Auf diese Weise hat sie ein ganzes Erinnerungs-Archiv von skizzenhaften Formen angelegt. Von diesem lässt sie sich regelmäßig anregen, und vergrößert bzw. überträgt die Formen schließlich auf Papier oder Leinwand. 

Eine Besonderheit in dieser Ausstellung stellen die kleinformatigen Arbeiten auf Büttenpapier dar, welche Schattenrissen ähneln. Sie zeigen die Vorliebe der Künstlerin für die serielle Darstellung, dafür, wie sie sagt, „gleichzeitig Entstandenes auch gleichzeitig zu zeigen“. 
Ihre Vorliebe für transparente Bildgestaltungen erreicht sie durch den Einsatz von Bienenwachs. 
Diese Arbeiten belegen, dass Sonja Koczula sich zu ihren freien Formen auch von gegenständlichen Motiven anregen lässt. 
In ihrem fragmentarischen Charakter und trotz ihrer eindringlichen Präsenz bleiben die Formen in der Regel andeutungshaft und geheimnisvoll. 
Immer schwingt für den Betrachter Vertrautes und Unvertrautes gleichermaßen mit. 

Da die Künstlerin auf visuelle Anregungen zurückgreift, ist ihre Malerei nicht als reine spontane Äußerungen zu verstehen. Vielmehr basiert sie auf rationaler Planung ergänzt durch Intuition, Impulsivität und Kontrolle. 
Die Bilder machen den Bildherstellungsprozess bis zu einem gewissen Grad nachvollziehbar. Sie vereinen Grafisches und Malerisches, beruhigte Flächen mit einem beunruhigenden Mal- und Zeichengestus. 

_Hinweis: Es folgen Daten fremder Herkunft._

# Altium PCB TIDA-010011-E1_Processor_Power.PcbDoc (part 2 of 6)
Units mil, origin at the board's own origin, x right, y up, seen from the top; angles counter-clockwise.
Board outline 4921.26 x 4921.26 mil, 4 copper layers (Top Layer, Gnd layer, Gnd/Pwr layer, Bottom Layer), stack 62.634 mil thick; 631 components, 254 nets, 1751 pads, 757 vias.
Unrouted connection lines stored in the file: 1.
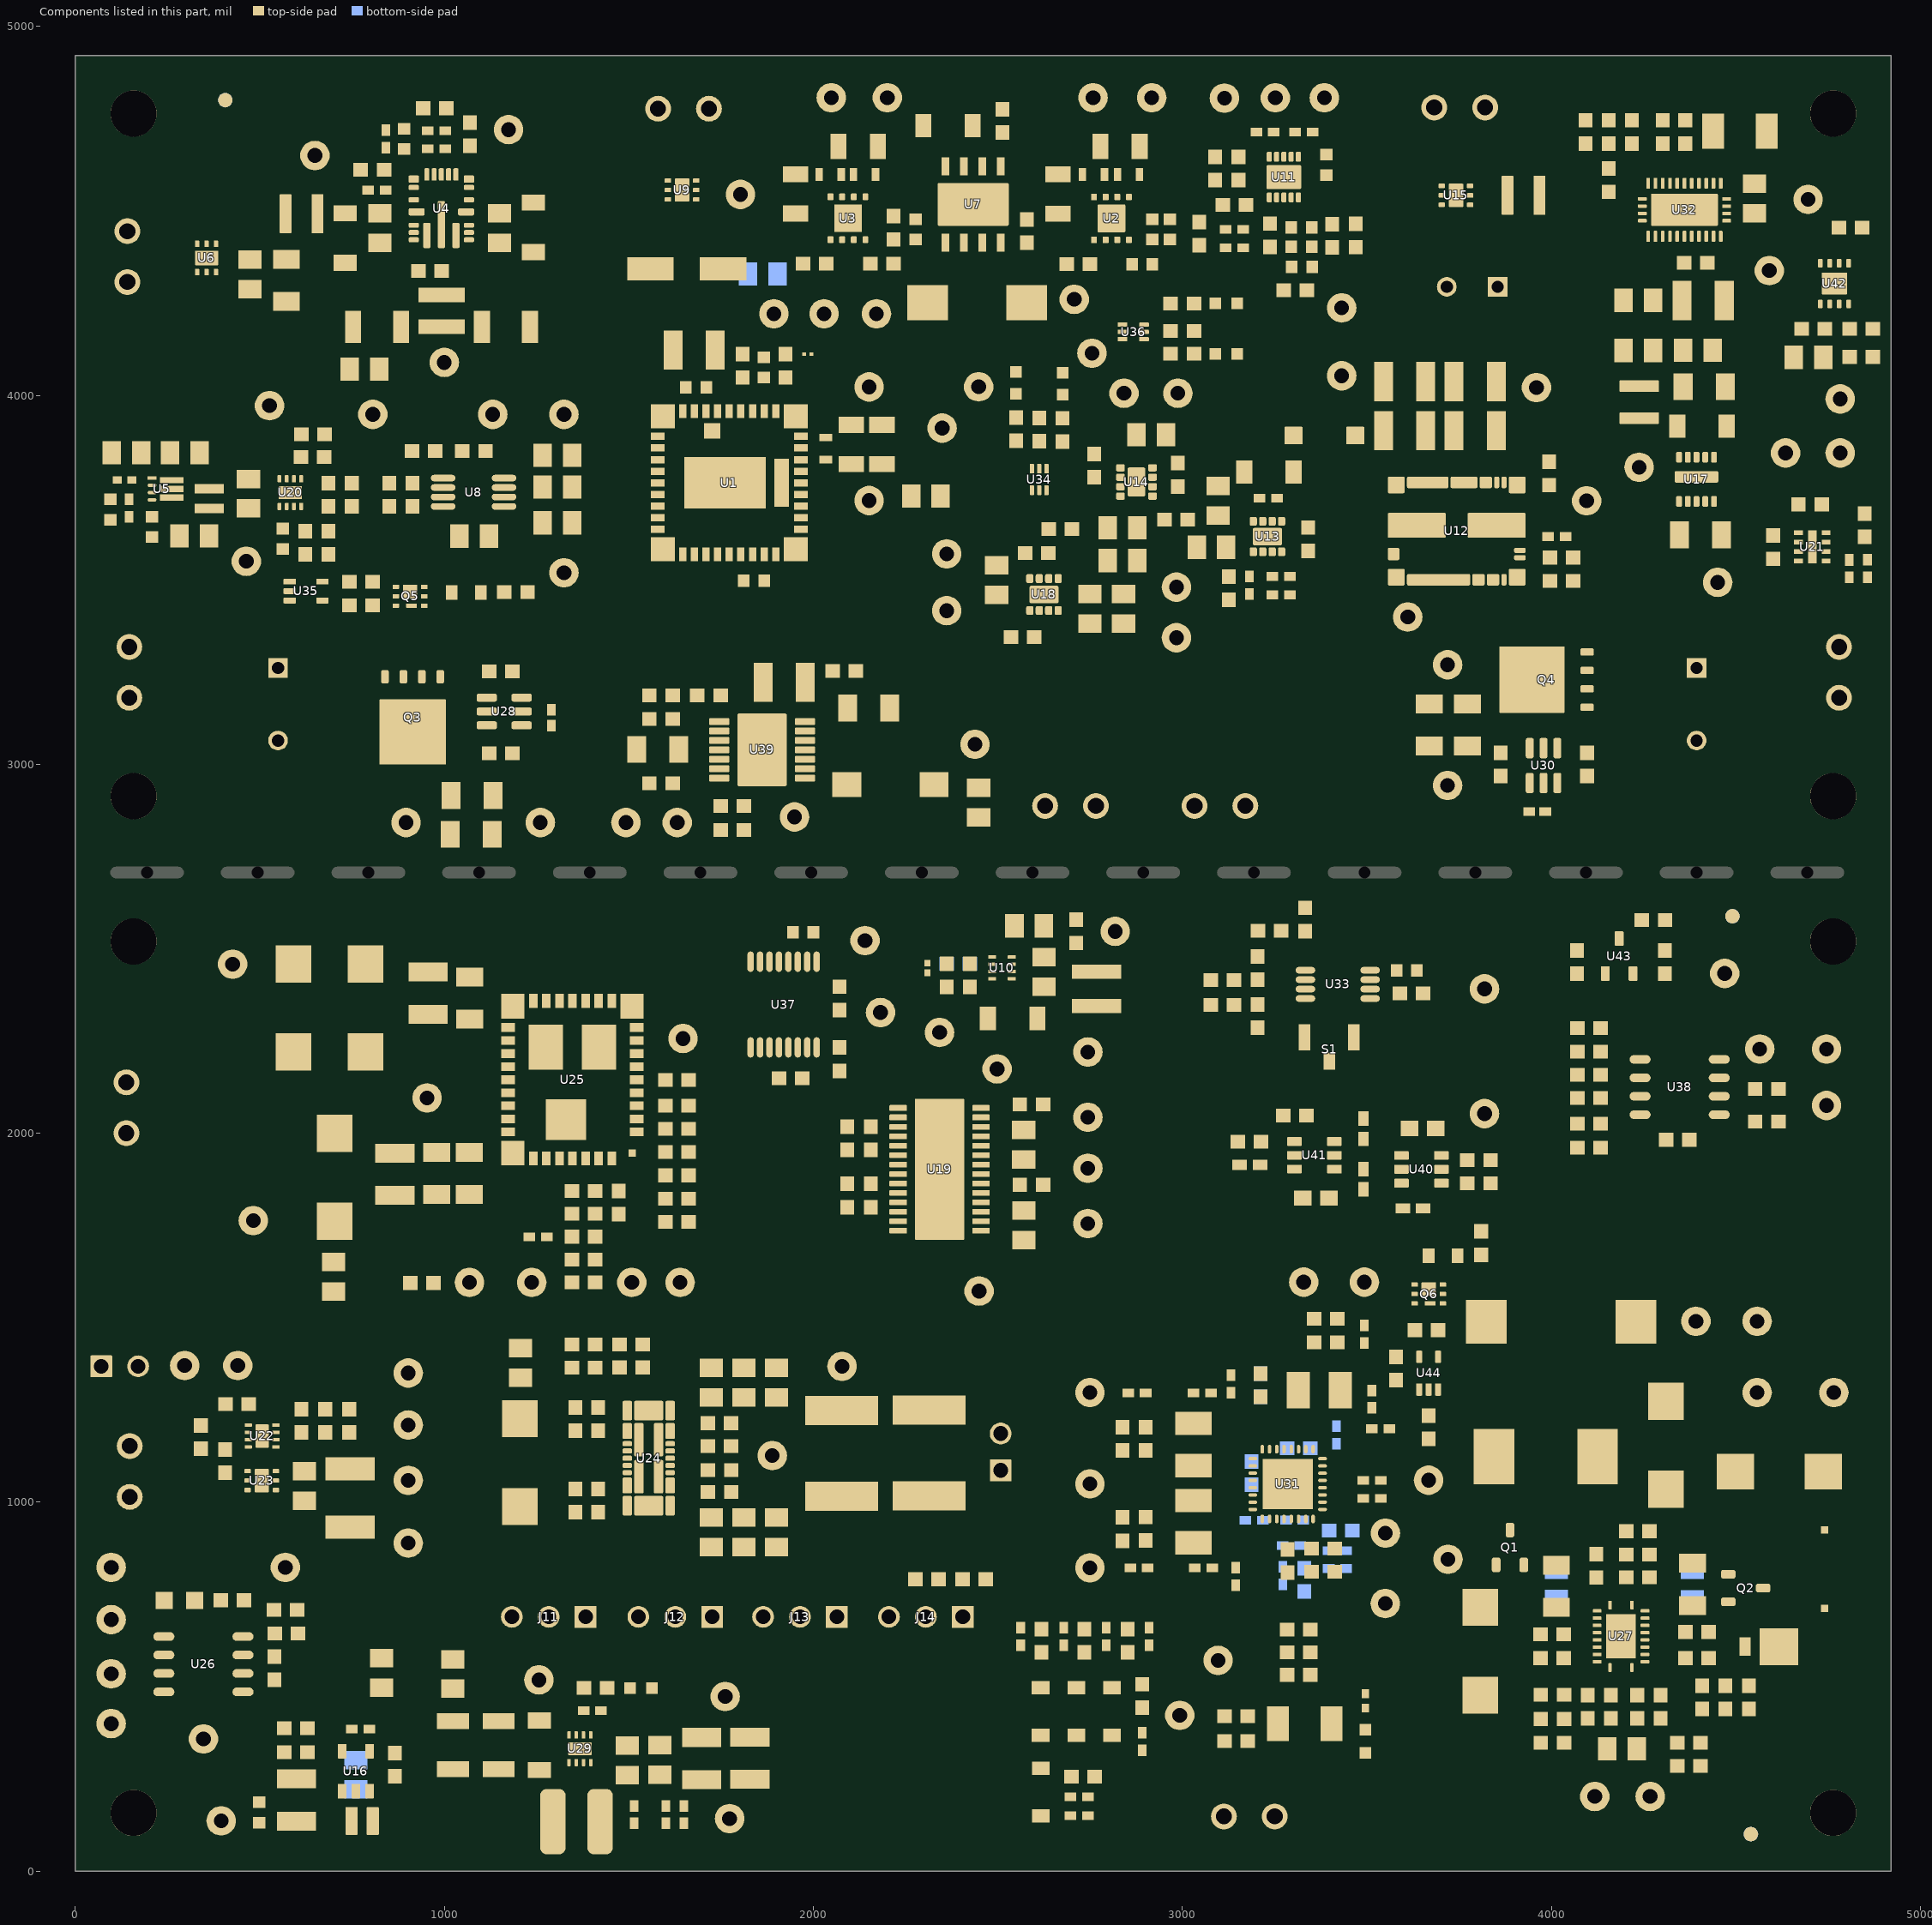
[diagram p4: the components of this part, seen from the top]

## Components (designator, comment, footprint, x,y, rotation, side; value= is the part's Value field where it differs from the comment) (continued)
U17 "LMZM23601V5SILR" SIL0010A 4393.62,3772.22 r270 top
U18 "TPS82085SILR" SIL0008C_SMD 2625.13,3459.94 r90 top
U19 "TPS767D318PWPR" PWP0028D_L 2342,1902 r0 top
U20 "INA381A1DSG" DSG0008A 582.28,3736.26 r90 top
U21 "LMZ10501SIL" SIL0008A 4707.4,3589.2 r180 top
U22 "TPS259531DSGR" DSG0008A 506,1179 r0 top
U23 "TVS1400DRVR" DRV0006A 505,1058.28 r0 top
U24 "TPSM82480MOPR" MOP0024A 1553.73,1118.92 r270 top
U25 "LMZ30604RKGR" RKG0039A 1347.16,2144.93 r180 top
U26 "TPS3705-33DR" D0008A_N 346.81,560.48 r180 top
U27 "TPS75003RHLR" RHL0020A 4189.04,636.15 r180 top
U28 "LM5050-2" tsop-6 1162,3143 r180 top
U29 "TPS62067DSGR" DSG0008A 1367.16,331.4 r90 top
U30 "LM5050-2" tsop-6 3979,2996.43 r90 top
U31 "TPS650250RHBR" RHB0032E 3285.49,1048.84 r0 top
U32 "LM73605RNPR" RNP0030A 4360.91,4502.84 r270 top
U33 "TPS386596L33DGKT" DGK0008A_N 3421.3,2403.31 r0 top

Die Farben sind auf diesen Bildern, welche in Acryl- und Ölfarbe, mit Schellack, Tusche sowie mit Bunt-, Wachs- und Pastellstiften gemalt und gezeichnet sind, überall und verleihen den Bildern Lebendigkeit. Selbst die sperrigen und oft angeschnittenen dunklen Farbspuren weisen deutliche Farbtöne auf.

Alle Gemälde basieren auf bis zu sechs Farbschichten.
Danach beginnt der redundante Prozess des Übermalens, indem mehrere weiße Farbschichten über die bunten Farben gelegt werden. 
Hierdurch wirken die großen Formen wie eingebettet im hellen malerischen Hintergrund, der sie wie eine sanfte Grundmelodie umgibt.

Dennoch suggerieren die dynamischen Formen sowohl die Verschmelzung mit dem Bildgrund wie auch die sanfte Loslösung von ihm. 
Die Tatsache, dass die Ränder der Formen nicht klar konturiert sind und die Oberflächen leicht brüchig und porös erscheinen, verleiht den Bildern einen Hauch von Morbidität. 

Assoziationen an verwitterte Oberflächen werden wach, so dass die Bilder von Sonja Koczula in einem Zustand zwischen Erscheinen und Entschwinden erlebt werden. 

Die Künstlerin tritt hinter ihren Arbeiten ganz zurück. Und dennoch wirken diese wie Innenbilder, die als gemalte, angehaltene Augenblicke Vergänglichkeit und Melancholie atmen.